Pick out the lines below that include the string "width".

Start of Material shown

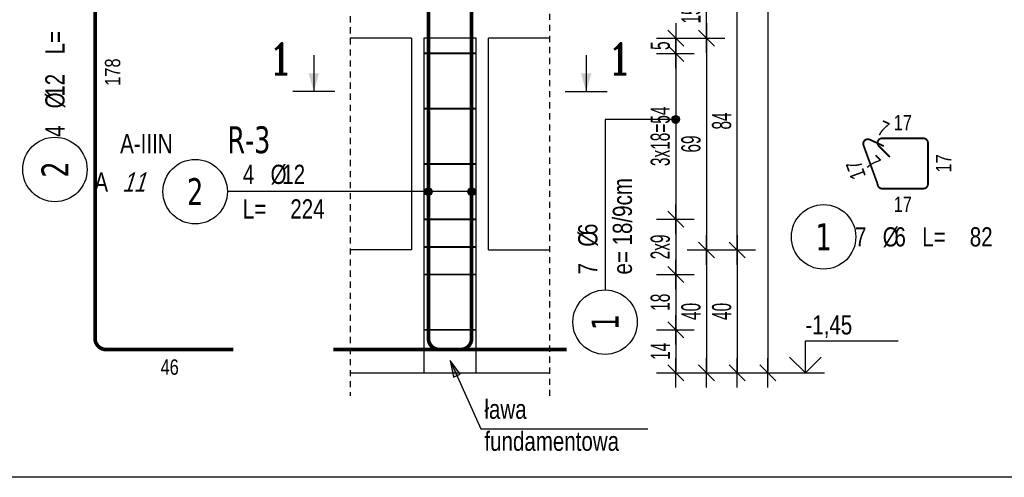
# Model space of a CAD drawing. Header units: millimetres. Extents: x 11988 to 14650, y -1596 to 604.
# Tile 7 of 38: x 12641 to 12962, y -982 to -833. Entities that reach past the tile are written whole.
import ezdxf
from ezdxf.enums import TextEntityAlignment as Align

# ---------------------------------------------------------------- set-up
doc = ezdxf.new("R2010")
doc.units = ezdxf.units.MM
doc.header["$LTSCALE"] = 10
doc.linetypes.add('MP', pattern=[0.36, 0.2, -0.16])
for name, color, linetype in [('BA_txg', 3, 'Continuous'), ('BA_wic', 1, 'Continuous'), ('BA_wis', 2, 'Continuous'), ('BA_wym', 1, 'Continuous'), ('BZ_kot', 7, 'Continuous'), ('BZ_odn', 1, 'Continuous'), ('BZ_opi1', 7, 'Continuous'), ('BZ_opi2', 4, 'Continuous'), ('BZ_opi3', 30, 'Continuous'), ('BZ_opi4', 53, 'Continuous'), ('BZ_P_roz', 11, 'Continuous'), ('BZ_P_wid', 3, 'Continuous'), ('BZ_P_wyc', 134, 'Continuous'), ('BZ_txs', 2, 'Continuous'), ('BZ_wym', 1, 'Continuous')]:
    doc.layers.add(name, color=color, linetype=linetype)
for name, color, linetype, plot in [('BZ_obroz', 137, 'Continuous', False), ('BZ_obw', 230, 'Continuous', False), ('BZ_pom', 6, 'Continuous', False)]:
    doc.layers.add(name, color=color, linetype=linetype, plot=plot)
doc.styles.add('BIKTBG', font='tahoma.ttf', dxfattribs={"width": 0.85})
doc.styles.add('BIKTC', font='bikromsw.shx', dxfattribs={"width": 0.85})
doc.styles.add('BIKTS', font='bikromsw.shx', dxfattribs={"width": 0.8})
doc.styles.add('BIKWYM', font='bikromsw.shx', dxfattribs={"width": 0.6})
doc.styles.add('ROMANC', font='ROMANC.SHX')
doc.dimstyles.new('BA_KR_25_cm', dxfattribs={"dimscale": 0.25, "dimtxt": 25, "dimasz": 1.666667, "dimexe": 24, "dimexo": 0, "dimgap": 0, "dimtad": 0, "dimdec": 1, "dimrnd": 0.5, "dimzin": 9, "dimdsep": 46, "dimtxsty": 'BIKWYM', "dimblk": 'WYM-KR', "dimcen": 0, "dimdle": 20, "dimclrd": 256, "dimclre": 256, "dimclrt": 2, "dimadec": 0, "dimazin": 0, "dimtfac": 0.033333, "dimtdec": 1, "dimtmove": 0, "dimatfit": 3, "dimldrblk": 'WYM-KR', "dimfxl": 25, "dimfxlon": 1, "dimtvp": 0.8, "dimtolj": 1, "dimarcsym": 0})
doc.dimstyles.new('BZ_KP_25_cm', dxfattribs={"dimscale": 0.25, "dimtxt": 25, "dimasz": 1.666667, "dimexe": 24, "dimexo": 0, "dimgap": 0, "dimtad": 0, "dimdec": 1, "dimrnd": 0.5, "dimzin": 9, "dimdsep": 46, "dimtxsty": 'BIKWYM', "dimblk": 'WYM-KR', "dimblk1": 'WYM-KP', "dimblk2": 'WYM-KP', "dimsah": 1, "dimcen": 0, "dimdle": 20, "dimclrd": 256, "dimclre": 256, "dimclrt": 7, "dimadec": 0, "dimazin": 0, "dimtfac": 0.033333, "dimtdec": 1, "dimtmove": 0, "dimatfit": 3, "dimldrblk": 'WYM-KP', "dimfxl": 1, "dimtvp": 0.8, "dimtolj": 1, "dimarcsym": 0})
doc.dimstyles.new('BZ_ST_25_cm', dxfattribs={"dimscale": 0.25, "dimtxt": 25, "dimasz": 1.666667, "dimexe": 24, "dimexo": 0, "dimgap": 0, "dimtad": 0, "dimdec": 1, "dimrnd": 0.5, "dimdsep": 46, "dimtxsty": 'BIKWYM', "dimblk": 'WYM-ST', "dimcen": 0, "dimdle": 20, "dimclrd": 256, "dimclre": 256, "dimclrt": 7, "dimadec": 0, "dimazin": 0, "dimtfac": 0.033333, "dimtdec": 1, "dimtix": 1, "dimtmove": 2, "dimatfit": 3, "dimldrblk": 'WYM-ST', "dimfxl": 1, "dimtvp": 0.8, "dimtolj": 1, "dimtzin": 0, "dimarcsym": 0})

# ---------------------------------------------------------------- blocks, each defined once
blk = doc.blocks.new('ST2')
blk.add_line((13.77, 0), (0, 0))
blk.add_solid([(6.84, -1.95), (6.84, 1.95), (0, 0)])
blk = doc.blocks.new('eprzh')
blk.add_line((-47.9, 0), (47.9, 0))
at = {"xscale": 6, "yscale": 6, "zscale": 6, "rotation": 90}
blk.add_blockref('ST2', (0, 0), dxfattribs=at)
at = {"style": 'ROMANC'}
blk.add_attdef('PRZ', text='', height=70, dxfattribs=at).set_placement((76, 39.4), align=Align.CENTER)
blk = doc.blocks.new('WYM-ST')
blk.add_hatch(color=256).paths.add_polyline_path([(-13, 2.88), (0, 0), (-13, -2.88)])
blk.add_lwpolyline([(0, 0), (-13, 2.88), (-13, -2.88), (0, 0)])
blk = doc.blocks.new('WYM-KP')
blk.add_hatch(color=256).paths.add_polyline_path([(3, 0, 1), (-3, 0, 1)])
blk.add_circle((0, 0), 3)
blk = doc.blocks.new('WYM-KR')
at = {"linetype": 'ByBlock'}
blk.add_line((11.52, 0), (-11.52, 0), dxfattribs=at)
at = {"color": 7, "linetype": 'ByBlock'}
blk.add_line((6.24, 6.24), (-6.24, -6.24), dxfattribs=at)
blk = doc.blocks.new('bik_BlkOpPret', base_point=(608.5, -87.83))
at = {"layer": 'BZ_opi1', "style": 'BIKTS', "width": 0.8}
for tag, p in [('SZTUK', (567.31, -85.33)), ('PRZEDR_FI', (581.12, -85.33)), ('PRZEKROJ', (584.93, -85.33)), ('PRZEDR_L', (567.31, -96.58)), ('DLUGOSC', (582.78, -96.58)), ('UWAGA', (567.31, -105.33))]:
    blk.add_attdef(tag, p, '', height=6.25, dxfattribs=at)
at = {"layer": 'BZ_opi2', "style": 'BIKTBG', "width": 0.8}
blk.add_attdef('NUMER', text='', height=8.75, dxfattribs=at).set_placement((551.81, -87.83), align=Align.MIDDLE_CENTER)
at = {"layer": 'BZ_pom', "width": 0.8}
for tag, p, height, style in [('POZYCJA', (562.31, -75.33), 8.75, 'BIKTBG'), ('GATUNEK', (526.97, -75.33), 6.25, 'BIKTS'), ('METODA_L', (520.17, -87.83), 6.25, 'BIKTS'), ('EURO_KOD', (529.45, -87.83), 6.25, 'BIKTS')]:
    blk.add_attdef(tag, p, '', height=height, dxfattribs=dict(at, style=style))
at = {"layer": 'BZ_wym', "width": 0.8}
for tag, p, height, style, flags in [('PRZEDR_NR', (567.31, -114.71), 8.75, 'BIKTBG', 1), ('PRZEDR_SZT', (567.31, -124.08), 6.25, 'BIKTS', 1), ('TYP_PRETA', (567.31, -133.46), 6.25, 'BIKTS', 3), ('EURO_KOD_SEGMENTY', (580.88, -142.83), 6.25, 'BIKTS', 3), ('HAK_1', (567.31, -152.21), 6.25, 'BIKTS', 3), ('HAK_2', (567.31, -161.58), 6.25, 'BIKTS', 3), ('ID', (567.31, -170.96), 6.25, 'BIKTS', 3), ('ID_C', (567.31, -180.33), 6.25, 'BIKTS', 3), ('b_atr_0', (567.31, -189.71), 6.25, 'BIKTS', 3)]:
    blk.add_attdef(tag, p, '', height=height, dxfattribs=dict(at, style=style, flags=flags))
blk = doc.blocks.new('*D146')
at = {"layer": 'BA_wym', "lineweight": -2}
for p, q in [((12848.67, -934.34), (12860.92, -934.34)), ((12854.92, -934.76), (12854.92, -947.92)), ((12848.67, -948.34), (12860.92, -948.34))]:
    blk.add_line(p, q, dxfattribs=at)
at = {"layer": 'Defpoints', "color": 0}
for p in [(12789.92, -934.34), (12813.92, -948.34), (12854.92, -948.34)]:
    blk.add_point(p, dxfattribs=at)
at = {"layer": 'BA_wym', "lineweight": -2, "xscale": 0.4166666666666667, "yscale": 0.4166666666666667, "zscale": 0.4166666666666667}
for p, rotation in [((12854.92, -934.34), 90), ((12854.92, -948.34), 270)]:
    blk.add_blockref('WYM-KR', p, dxfattribs=dict(at, rotation=rotation))
at = {"layer": 'BA_wym', "color": 2, "insert": (12849.92, -941.34), "char_height": 6.25, "attachment_point": 5, "rotation": 90, "style": 'BIKWYM'}
blk.add_mtext('\\A1;14', dxfattribs=at)
blk = doc.blocks.new('*D147')
at = {"layer": 'BA_wym', "lineweight": -2}
for p, q in [((12848.67, -844.34), (12860.92, -844.34)), ((12854.92, -844.76), (12854.92, -897.92)), ((12848.67, -898.34), (12860.92, -898.34))]:
    blk.add_line(p, q, dxfattribs=at)
at = {"layer": 'Defpoints', "color": 0}
for p in [(12789.92, -844.34), (12789.92, -898.34), (12854.92, -898.34)]:
    blk.add_point(p, dxfattribs=at)
at = {"layer": 'BA_wym', "lineweight": -2, "xscale": 0.4166666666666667, "yscale": 0.4166666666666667, "zscale": 0.4166666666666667}
for p, rotation in [((12854.92, -844.34), 90), ((12854.92, -898.34), 270)]:
    blk.add_blockref('WYM-KR', p, dxfattribs=dict(at, rotation=rotation))
at = {"layer": 'BA_wym', "color": 2, "insert": (12849.92, -871.34), "char_height": 6.25, "attachment_point": 5, "rotation": 90, "style": 'BIKWYM'}
blk.add_mtext('\\A1;3x18=54', dxfattribs=at)
blk = doc.blocks.new('*D148')
at = {"layer": 'BA_wym', "lineweight": -2}
for p, q in [((12848.67, -839.34), (12860.92, -839.34)), ((12854.92, -843.92), (12854.92, -839.76)), ((12848.67, -844.34), (12860.92, -844.34))]:
    blk.add_line(p, q, dxfattribs=at)
at = {"layer": 'Defpoints', "color": 0}
for p in [(12813.92, -839.34), (12854.92, -839.34), (12789.92, -844.34)]:
    blk.add_point(p, dxfattribs=at)
at = {"layer": 'BA_wym', "lineweight": -2, "xscale": 0.4166666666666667, "yscale": 0.4166666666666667, "zscale": 0.4166666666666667}
for p, rotation in [((12854.92, -839.34), 90), ((12854.92, -844.34), 270)]:
    blk.add_blockref('WYM-KR', p, dxfattribs=dict(at, rotation=rotation))
at = {"layer": 'BA_wym', "color": 2, "insert": (12849.92, -841.84), "char_height": 6.25, "attachment_point": 5, "rotation": 90, "style": 'BIKWYM'}
blk.add_mtext('\\A1;5', dxfattribs=at)
blk = doc.blocks.new('bik_BlkOpPretU', base_point=(1570.94, 615.52))
at = {"layer": 'BZ_opi2', "style": 'BIKTBG', "width": 0.8}
blk.add_attdef('NUMER', text='', height=8.75, dxfattribs=at).set_placement((1514.25, 615.52), align=Align.MIDDLE_CENTER)
at = {"layer": 'BZ_opi4', "style": 'BIKTS', "width": 0.8}
for tag, p in [('SZTUK', (1529.75, 618.02)), ('PRZEDR_FI', (1538.8, 618.02)), ('PRZEKROJ', (1542.61, 618.02)), ('PRZEDR_L', (1529.75, 606.77)), ('DLUGOSC', (1545.23, 606.77)), ('UWAGA', (1529.75, 598.02))]:
    blk.add_attdef(tag, p, '', height=6.25, dxfattribs=at)
at = {"layer": 'BZ_pom', "width": 0.8}
for tag, p, height, style in [('POZYCJA', (1524.75, 628.02), 8.75, 'BIKTBG'), ('GATUNEK', (1483.8, 628.02), 6.25, 'BIKTS'), ('METODA_L', (1489.99, 615.52), 6.25, 'BIKTS')]:
    blk.add_attdef(tag, p, '', height=height, dxfattribs=dict(at, style=style))
at = {"layer": 'BZ_wym', "width": 0.8}
for tag, p, height, style, flags in [('PRZEDR_NR', (1529.75, 588.65), 8.75, 'BIKTBG', 1), ('PRZEDR_SZT', (1529.75, 579.27), 6.25, 'BIKTS', 1), ('TYP_PRETA', (1529.75, 569.9), 6.25, 'BIKTS', 3), ('EURO_KOD', (1529.75, 560.52), 6.25, 'BIKTS', 3), ('EURO_KOD_SEGMENTY', (1544.75, 560.52), 6.25, 'BIKTS', 3), ('HAK_1', (1529.75, 551.15), 6.25, 'BIKTS', 3), ('HAK_2', (1529.75, 541.77), 6.25, 'BIKTS', 3), ('ID', (1529.75, 532.4), 6.25, 'BIKTS', 3), ('ID_C', (1529.75, 523.02), 6.25, 'BIKTS', 3), ('b_atr_0', (1529.75, 513.65), 6.25, 'BIKTS', 3)]:
    blk.add_attdef(tag, p, '', height=height, dxfattribs=dict(at, style=style, flags=flags))
blk = doc.blocks.new('*D169')
at = {"layer": 'BA_wym', "lineweight": -2}
for p, q in [((12858.67, -908.34), (12870.92, -908.34)), ((12864.92, -908.76), (12864.92, -947.92)), ((12858.67, -948.34), (12870.92, -948.34))]:
    blk.add_line(p, q, dxfattribs=at)
at = {"layer": 'Defpoints', "color": 0}
for p in [(12813.92, -908.34), (12813.92, -948.34), (12864.92, -948.34)]:
    blk.add_point(p, dxfattribs=at)
at = {"layer": 'BA_wym', "lineweight": -2, "xscale": 0.4166666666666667, "yscale": 0.4166666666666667, "zscale": 0.4166666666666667}
for p, rotation in [((12864.92, -908.34), 90), ((12864.92, -948.34), 270)]:
    blk.add_blockref('WYM-KR', p, dxfattribs=dict(at, rotation=rotation))
at = {"layer": 'BA_wym', "color": 2, "insert": (12859.92, -928.34), "char_height": 6.25, "attachment_point": 5, "rotation": 90, "style": 'BIKWYM'}
blk.add_mtext('\\A1;40', dxfattribs=at)
blk = doc.blocks.new('*D170')
at = {"layer": 'BA_wym', "lineweight": -2}
for p, q in [((12858.67, -839.34), (12870.92, -839.34)), ((12864.92, -839.76), (12864.92, -907.92)), ((12858.67, -908.34), (12870.92, -908.34))]:
    blk.add_line(p, q, dxfattribs=at)
at = {"layer": 'Defpoints', "color": 0}
for p in [(12813.92, -839.34), (12813.92, -908.34), (12864.92, -908.34)]:
    blk.add_point(p, dxfattribs=at)
at = {"layer": 'BA_wym', "lineweight": -2, "xscale": 0.4166666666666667, "yscale": 0.4166666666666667, "zscale": 0.4166666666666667}
for p, rotation in [((12864.92, -839.34), 90), ((12864.92, -908.34), 270)]:
    blk.add_blockref('WYM-KR', p, dxfattribs=dict(at, rotation=rotation))
at = {"layer": 'BA_wym', "color": 2, "insert": (12859.92, -873.84), "char_height": 6.25, "attachment_point": 5, "rotation": 90, "style": 'BIKWYM'}
blk.add_mtext('\\A1;69', dxfattribs=at)
blk = doc.blocks.new('*D171')
at = {"layer": 'BA_wym', "lineweight": -2}
for p, q in [((12858.67, -824.34), (12870.92, -824.34)), ((12864.92, -838.92), (12864.92, -824.76)), ((12858.67, -839.34), (12870.92, -839.34))]:
    blk.add_line(p, q, dxfattribs=at)
at = {"layer": 'Defpoints', "color": 0}
for p in [(12813.92, -824.34), (12864.92, -824.34), (12813.92, -839.34)]:
    blk.add_point(p, dxfattribs=at)
at = {"layer": 'BA_wym', "lineweight": -2, "xscale": 0.4166666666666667, "yscale": 0.4166666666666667, "zscale": 0.4166666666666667}
for p, rotation in [((12864.92, -824.34), 90), ((12864.92, -839.34), 270)]:
    blk.add_blockref('WYM-KR', p, dxfattribs=dict(at, rotation=rotation))
at = {"layer": 'BA_wym', "color": 2, "insert": (12859.92, -831.84), "char_height": 6.25, "attachment_point": 5, "rotation": 90, "style": 'BIKWYM'}
blk.add_mtext('\\A1;15', dxfattribs=at)
blk = doc.blocks.new('*D184')
at = {"layer": 'BA_wym', "lineweight": -2}
for p, q in [((12868.67, -908.34), (12880.92, -908.34)), ((12874.92, -908.76), (12874.92, -947.92)), ((12868.67, -948.34), (12880.92, -948.34))]:
    blk.add_line(p, q, dxfattribs=at)
at = {"layer": 'Defpoints', "color": 0}
for p in [(12813.92, -908.34), (12813.92, -948.34), (12874.92, -948.34)]:
    blk.add_point(p, dxfattribs=at)
at = {"layer": 'BA_wym', "lineweight": -2, "xscale": 0.4166666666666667, "yscale": 0.4166666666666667, "zscale": 0.4166666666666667}
for p, rotation in [((12874.92, -908.34), 90), ((12874.92, -948.34), 270)]:
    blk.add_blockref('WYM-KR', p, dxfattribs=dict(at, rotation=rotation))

End of Material shown

### Output for this exercise
doc.styles.add('BIKTBG', font='tahoma.ttf', dxfattribs={"width": 0.85})
doc.styles.add('BIKTC', font='bikromsw.shx', dxfattribs={"width": 0.85})
doc.styles.add('BIKTS', font='bikromsw.shx', dxfattribs={"width": 0.8})
doc.styles.add('BIKWYM', font='bikromsw.shx', dxfattribs={"width": 0.6})
at = {"layer": 'BZ_opi1', "style": 'BIKTS', "width": 0.8}
at = {"layer": 'BZ_opi2', "style": 'BIKTBG', "width": 0.8}
at = {"layer": 'BZ_pom', "width": 0.8}
at = {"layer": 'BZ_wym', "width": 0.8}
at = {"layer": 'BZ_opi2', "style": 'BIKTBG', "width": 0.8}
at = {"layer": 'BZ_opi4', "style": 'BIKTS', "width": 0.8}
at = {"layer": 'BZ_pom', "width": 0.8}
at = {"layer": 'BZ_wym', "width": 0.8}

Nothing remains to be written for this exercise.